Ah! O biquíni esta lá embaixo, na lavandeira. Maria enrola-se na toalha e desce a escada, ainda meio ao teor do champanhe e das músicas dos anos 80 que dançou na noite anterior. Passou em frente da TV ligada e nada mudou. Opa! Algo diferente - a apresentadora daquele programa matinal de variedades estava trajando um vestido branco de rendas. Igual aquele que Maria comprou nas lojas Renner. E um leve sorriso, aparece em sua face. Sim é engraçado! Será que ela também parcelou? Não sei, mas uma coisa Maria teve a certeza. A apresentadora também tem bom gosto. Maria nessa hora dá uma olhada na cozinha e vê tudo arrumadinho.
Ahhhhhhhhhhh! É mesmo! Ontem teve a mega sena da virada! Quem sabe Maria é uma das ganhadora!
Não, não! Não foi ainda dessa vez. Dois números apenas não se fazem ganhadora.
Que vale isso!
Maria nem saberia contar tanto dinheiro assim! Pelo menos aquela apresentadora estava com um vestido igual ao de Maria e sua cozinha estava arrumadinha.
Maria sobe as escadas, olha para o criado mudo e pensa: De hoje não passa! Tenho que terminar de ler esse livro, hoje, para cumprir o projeto de ler um livro por mês. É, falta pouco! No final da tarde vou deitar na rede, e assim dou continuidade.
Chega ao quarto de hospede é vê a cama totalmente cheia de coisas desovadas, cheia daquelas coisas que naquela ultima semana tudo era jogado ali e em pensamento dizia: deixa aqui que depois eu guardo. Que viagem! Vai ate o guarda roupa e lembra que também adiou a organização.
Tá bom! Tá bom!... De agora não passa - mãos a obra. E devagar, lentamente, começa a arrumar o guarda roupa, assim meio que em silêncio um silêncio quase ensurdecedor - vê o tempo pela janela, a se fechar. E uma aragem de tempo chuvoso vem abrandando a euforia das festas dos dias anteriores. Todos dormem e Maria se sente sozinha. Já sei! Pensa Maria! Liga o computador, e acessa os clipes daquelas musicas da noite anterior, como quem a querer dar continuidade para aquela festa. Fecha a porta do closet para não acordar a casa que ainda dormia. E assim, em questão de segundos seu guarda roupa esta arrumado. Cores com cores, peças com peças. E do lado, um cesto de descartes para doação. Será que tem que queira? São peças boas. Apenas, um número a menos dos de Maria.
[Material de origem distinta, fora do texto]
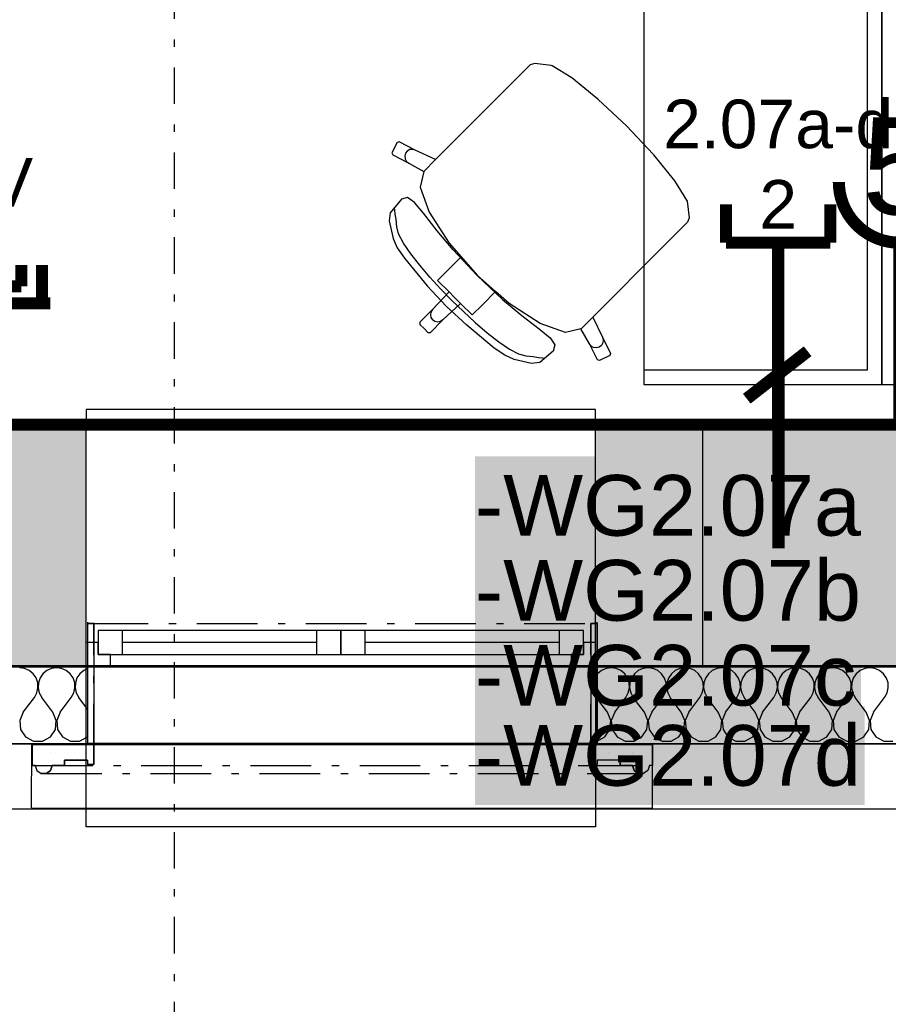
# Model space of a CAD drawing. Extents: x -12025 to 39812, y -30157 to 12.
# Tile 8 of 59: x 17312 to 19102, y -21694 to -19666. Entities that reach past the tile are written whole.
import ezdxf
from ezdxf.enums import TextEntityAlignment as Align

# ---------------------------------------------------------------- set-up
doc = ezdxf.new("R2010")
doc.units = 0
doc.header["$MEASUREMENT"] = 0
for name, pattern in [('Telekomunikacni vodic', [9.25, 3, -0.75, 3, -0.75, 0.125, -0.75, 0.125, -0.75]), ('Čerchovaná M', [225, 125, -42.5, 15, -42.5]), ('Čerchovaná S', [175, 75, -42.5, 15, -42.5])]:
    doc.linetypes.add(name, pattern=pattern)
for name, color, linetype in [('0 (Pozadí)', 254, 'Continuous'), ('OÚ Dukovany internet + tv + data', 192, 'Continuous'), ('OÚ Dukovany půdorys podklad 2NP', 7, 'Continuous'), ('OÚ Dukovany zásuvky', 92, 'Continuous'), ('Zakladni', 7, 'Continuous')]:
    doc.layers.add(name, color=color, linetype=linetype)
doc.styles.add('Arial', font='txt')
doc.styles.add('Arial_B', font='txt')
pattern_1 = [(0, (0, 0), (0, 86.60254), [0, -50]), (0, (25, 43.3), (0, 86.60254), [0, -50])]

# ---------------------------------------------------------------- blocks, each defined once
blk = doc.blocks.new('Zásuvka (2)')
at = {"color": 0, "linetype": 'Continuous', "const_width": 25}
for points in [[(0, -125, -0.414214), (-125, 0)], [(125, 0, -0.414214), (0, -125)]]:
    blk.add_lwpolyline(points, format="xyb", dxfattribs=at)
blk.add_lwpolyline([(0, -250), (0, -125)], dxfattribs=at)
at = {"color": 0, "linetype": 'Continuous', "style": 'Arial'}
blk.add_text('5', height=200, dxfattribs=at).set_placement((0, -66.9), align=Align.CENTER)
blk = doc.blocks.new('Telekomunikační zásuvka (2)')
at = {"color": 0, "linetype": 'Continuous', "const_width": 25}
for points in [[(-107.5, 204.3), (-107.5, 125)], [(107.5, 204.3), (107.5, 125)], [(-107.5, 125), (107.5, 125)], [(0, 125), (0, 0)]]:
    blk.add_lwpolyline(points, dxfattribs=at)
at = {"color": 0, "linetype": 'Continuous', "style": 'Arial'}
for s, p in [('2.07a-d', (0, 319.7)), ('2', (0, 154.1))]:
    blk.add_text(s, height=100, dxfattribs=at).set_placement(p, align=Align.CENTER)
blk = doc.blocks.new('Telekomunikační zásuvka (5)')
at = {"color": 0, "linetype": 'Continuous', "const_width": 25}
for points in [[(-107.5, 204.3), (-107.5, 125)], [(-62.5, 204.3), (-62.5, 160)], [(65, 204.3), (65, 160)], [(107.5, 204.3), (107.5, 125)], [(65, 160), (-62.5, 160)], [(-107.5, 125), (-125, 125)], [(107.5, 125), (-107.5, 125)], [(0, 125), (0, 0)], [(125, 125), (107.5, 125)]]:
    blk.add_lwpolyline(points, dxfattribs=at)
at = {"color": 0, "linetype": 'Continuous', "style": 'Arial'}
blk.add_text('TV', height=100, dxfattribs=at).set_placement((0, 324.2), align=Align.CENTER)
blk = doc.blocks.new('(57)')
at = {"color": 7, "linetype": 'Continuous', "const_width": 25}
for points in [[(60, 46.8), (-65, -50.7)], [(0, 0), (0, -358.8)]]:
    blk.add_lwpolyline(points, dxfattribs=at)
at = {"layer": '0 (Pozadí)', "linetype": 'Continuous'}
blk.add_solid([(-625.8, -344.5), (177.3, -344.5), (-625.8, -548), (177.3, -548)], dxfattribs=at)
at = {"color": 7, "linetype": 'Continuous', "style": 'Arial_B'}
blk.add_text('-WG2.07b', height=125, dxfattribs=at).set_placement((-625.8, -508))
blk = doc.blocks.new('(58)')
at = {"color": 7, "linetype": 'Continuous', "const_width": 25}
for points in [[(60, 46.8), (-65, -50.7)], [(0, 0), (0, -358.8)]]:
    blk.add_lwpolyline(points, dxfattribs=at)
at = {"layer": '0 (Pozadí)', "linetype": 'Continuous'}
blk.add_solid([(-625.1, -519.5), (170.8, -519.5), (-625.1, -723), (170.8, -723)], dxfattribs=at)
at = {"color": 7, "linetype": 'Continuous', "style": 'Arial_B'}
blk.add_text('-WG2.07c', height=125, dxfattribs=at).set_placement((-625.1, -683))
blk = doc.blocks.new('(59)')
at = {"color": 7, "linetype": 'Continuous', "const_width": 25}
for points in [[(60, 46.8), (-65, -50.7)], [(0, 0), (0, -358.8)]]:
    blk.add_lwpolyline(points, dxfattribs=at)
at = {"layer": '0 (Pozadí)', "linetype": 'Continuous'}
blk.add_solid([(-625.1, -684.5), (178, -684.5), (-625.1, -888), (178, -888)], dxfattribs=at)
at = {"color": 7, "linetype": 'Continuous', "style": 'Arial_B'}
blk.add_text('-WG2.07d', height=125, dxfattribs=at).set_placement((-625.1, -848))
blk = doc.blocks.new('(60)')
at = {"color": 7, "linetype": 'Continuous', "const_width": 25}
for points in [[(60, 46.8), (-65, -50.7)], [(0, 0), (0, -358.8)]]:
    blk.add_lwpolyline(points, dxfattribs=at)
at = {"layer": '0 (Pozadí)', "linetype": 'Continuous'}
blk.add_solid([(-625.1, -169.5), (170.8, -169.5), (-625.1, -373), (170.8, -373)], dxfattribs=at)
at = {"color": 7, "linetype": 'Continuous', "style": 'Arial_B'}
blk.add_text('-WG2.07a', height=125, dxfattribs=at).set_placement((-625.1, -333))

msp = doc.modelspace()

# ---------------------------------------------------------------- hatches: boundary and pattern name
at = {"layer": 'OÚ Dukovany půdorys podklad 2NP', "linetype": 'Continuous'}
h = msp.add_hatch(dxfattribs=at)
h.set_pattern_fill('OMÍTKA_01', color=21, style=0, pattern_type=2)
h.set_pattern_definition(pattern_1)
edge = h.paths.add_edge_path()
edge.add_spline(control_points=[(17337.4, -21158.9), (17337.4, -21158.9), (17337.4, -21202), (17337.4, -21202)], knot_values=[0, 0, 0, 0, 1, 1, 1, 1], degree=3, periodic=0)
edge.add_spline(control_points=[(17337.4, -21202), (17337.4, -21202), (17343.9, -21202), (17343.9, -21202)], knot_values=[0, 0, 0, 0, 1, 1, 1, 1], degree=3, periodic=0)
edge.add_spline(control_points=[(17343.9, -21202), (17343.9, -21202), (17347.2, -21212.2), (17347.2, -21212.2)], knot_values=[0, 0, 0, 0, 1, 1, 1, 1], degree=3, periodic=0)
edge.add_spline(control_points=[(17347.2, -21212.2), (17347.2, -21212.2), (17356, -21218.6), (17356, -21218.6)], knot_values=[0, 0, 0, 0, 1, 1, 1, 1], degree=3, periodic=0)
edge.add_spline(control_points=[(17356, -21218.6), (17356, -21218.6), (17366.8, -21218.6), (17366.8, -21218.6)], knot_values=[0, 0, 0, 0, 1, 1, 1, 1], degree=3, periodic=0)
edge.add_spline(control_points=[(17366.8, -21218.6), (17366.8, -21218.6), (17375.5, -21212.2), (17375.5, -21212.2)], knot_values=[0, 0, 0, 0, 1, 1, 1, 1], degree=3, periodic=0)
edge.add_spline(control_points=[(17375.5, -21212.2), (17375.5, -21212.2), (17378.8, -21202), (17378.8, -21202)], knot_values=[0, 0, 0, 0, 1, 1, 1, 1], degree=3, periodic=0)
edge.add_spline(control_points=[(17378.8, -21202), (17378.8, -21202), (17403.8, -21202), (17403.8, -21202)], knot_values=[0, 0, 0, 0, 1, 1, 1, 1], degree=3, periodic=0)
edge.add_spline(control_points=[(17403.8, -21202), (17403.8, -21202), (17403.8, -21190.6), (17403.8, -21190.6)], knot_values=[0, 0, 0, 0, 1, 1, 1, 1], degree=3, periodic=0)
edge.add_spline(control_points=[(17403.8, -21190.6), (17403.8, -21190.6), (17451.6, -21190.6), (17451.6, -21190.6)], knot_values=[0, 0, 0, 0, 1, 1, 1, 1], degree=3, periodic=0)
edge.add_spline(control_points=[(17451.6, -21190.6), (17451.6, -21190.6), (17451.6, -21199.8), (17451.6, -21199.8)], knot_values=[0, 0, 0, 0, 1, 1, 1, 1], degree=3, periodic=0)
edge.add_spline(control_points=[(17451.6, -21199.8), (17451.6, -21199.8), (17464.4, -21199.8), (17464.4, -21199.8)], knot_values=[0, 0, 0, 0, 1, 1, 1, 1], degree=3, periodic=0)
edge.add_spline(control_points=[(17464.4, -21199.8), (17464.4, -21199.8), (17464.4, -20909.6), (17464.4, -20909.6)], knot_values=[0, 0, 0, 0, 1, 1, 1, 1], degree=3, periodic=0)
edge.add_spline(control_points=[(17464.4, -20909.6), (17464.4, -20909.6), (17451.6, -20909.6), (17451.6, -20909.6)], knot_values=[0, 0, 0, 0, 1, 1, 1, 1], degree=3, periodic=0)
edge.add_spline(control_points=[(17451.6, -20909.6), (17451.6, -20909.6), (17451.6, -21158.9), (17451.6, -21158.9)], knot_values=[0, 0, 0, 0, 1, 1, 1, 1], degree=3, periodic=0)
edge.add_spline(control_points=[(17451.6, -21158.9), (17451.6, -21158.9), (17337.4, -21158.9), (17337.4, -21158.9)], knot_values=[0, 0, 0, 0, 1, 1, 1, 1], degree=3, periodic=0)
edge.add_spline(control_points=[(17337.4, -21158.9), (17337.4, -21158.9), (17337.4, -21158.9), (17337.4, -21158.9)], knot_values=[0, 0, 0, 0, 1, 1, 1, 1], degree=3, periodic=0)
h = msp.add_hatch(dxfattribs=at)
h.set_pattern_fill('OMÍTKA_01', color=21, style=0, pattern_type=2)
h.set_pattern_definition(pattern_1)
edge = h.paths.add_edge_path()
edge.add_spline(control_points=[(18501.6, -21158.9), (18501.6, -21158.9), (18501.6, -20909.6), (18501.6, -20909.6)], knot_values=[0, 0, 0, 0, 1, 1, 1, 1], degree=3, periodic=0)
edge.add_spline(control_points=[(18501.6, -20909.6), (18501.6, -20909.6), (18488.9, -20909.6), (18488.9, -20909.6)], knot_values=[0, 0, 0, 0, 1, 1, 1, 1], degree=3, periodic=0)
edge.add_spline(control_points=[(18488.9, -20909.6), (18488.9, -20909.6), (18488.9, -21199.8), (18488.9, -21199.8)], knot_values=[0, 0, 0, 0, 1, 1, 1, 1], degree=3, periodic=0)
edge.add_spline(control_points=[(18488.9, -21199.8), (18488.9, -21199.8), (18501.6, -21199.8), (18501.6, -21199.8)], knot_values=[0, 0, 0, 0, 1, 1, 1, 1], degree=3, periodic=0)
edge.add_spline(control_points=[(18501.6, -21199.8), (18501.6, -21199.8), (18501.6, -21190.6), (18501.6, -21190.6)], knot_values=[0, 0, 0, 0, 1, 1, 1, 1], degree=3, periodic=0)
edge.add_spline(control_points=[(18501.6, -21190.6), (18501.6, -21190.6), (18549.5, -21190.6), (18549.5, -21190.6)], knot_values=[0, 0, 0, 0, 1, 1, 1, 1], degree=3, periodic=0)
edge.add_spline(control_points=[(18549.5, -21190.6), (18549.5, -21190.6), (18549.5, -21202), (18549.5, -21202)], knot_values=[0, 0, 0, 0, 1, 1, 1, 1], degree=3, periodic=0)
edge.add_spline(control_points=[(18549.5, -21202), (18549.5, -21202), (18574.4, -21202), (18574.4, -21202)], knot_values=[0, 0, 0, 0, 1, 1, 1, 1], degree=3, periodic=0)
edge.add_spline(control_points=[(18574.4, -21202), (18574.4, -21202), (18577.8, -21212.2), (18577.8, -21212.2)], knot_values=[0, 0, 0, 0, 1, 1, 1, 1], degree=3, periodic=0)
edge.add_spline(control_points=[(18577.8, -21212.2), (18577.8, -21212.2), (18586.5, -21218.6), (18586.5, -21218.6)], knot_values=[0, 0, 0, 0, 1, 1, 1, 1], degree=3, periodic=0)
edge.add_spline(control_points=[(18586.5, -21218.6), (18586.5, -21218.6), (18597.3, -21218.6), (18597.3, -21218.6)], knot_values=[0, 0, 0, 0, 1, 1, 1, 1], degree=3, periodic=0)
edge.add_spline(control_points=[(18597.3, -21218.6), (18597.3, -21218.6), (18606.1, -21212.2), (18606.1, -21212.2)], knot_values=[0, 0, 0, 0, 1, 1, 1, 1], degree=3, periodic=0)
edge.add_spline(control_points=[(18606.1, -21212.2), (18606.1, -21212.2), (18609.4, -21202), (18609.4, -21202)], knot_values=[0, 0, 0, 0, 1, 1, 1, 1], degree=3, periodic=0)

14h30min da tarde, termina de arrumar o guarda roupa e se desloca para aquele quarto de hospede, cheio de coisas em cima da cama. É, agora é tua vez! Sente certa preguiça. Mas, agora, daquele instante não passa... Em questão de segundos tudo esta arrumado. E que hora! Maria olha para a prateleira e vê o álbum de fotografias convidando Maria a não esquecê-lo. E Maria, pela enésima vez se rende ao convidativo álbum de fotografias. Se rende - todos estão lá ainda lá, com cara de porta retrato. Apenas, o olhar de Maria continua a mudar em sua volta ao tempo. Mas um barulho na casa volta Maria para a realidade. - A porta do banheiro a se fechar, dá sinal de que a casa esta a despertar. Maria se dá conta de que ainda não sabe o que vão almoçar. Ainda deitada naquela cama de hospede, com o álbum de fotografias a lhe mirar, dá um sonoro bom dia a quem esta a despertar. Olhem! Tome seu café mesmo que já tenha passado a hora de almoçar. Daqui a pouco faço uma jantinha leve, pois hoje é feriado... É dia de relaxar. Se não querem café, comam frutinhas, tem suco pronto... Não esqueçam que a cozinha esta arrumada... Arrume tudo, também o que usar, para começar um ano bem organizado. Maria escuta um sonoro. Ta bem! Sua chata! Nem me deseja um feliz 2014 e já esta a me cobrar que mantenham tua cozinha arrumada! Eu ainda nem acordei e o ano nem começou ainda... Tá bom seu desnaturado! Feliz 2014 e nada de me enrolar! Não vai ser por isso que vai querer minha cozinha bagunçar! Maria, agora a mirar a janelas – as mesmas janelas que por lá passam as tantas vidas de Maria – que vê o tempo fechar-se em sol e chuva que exalam o cheiro da terra daquela tarde de verão.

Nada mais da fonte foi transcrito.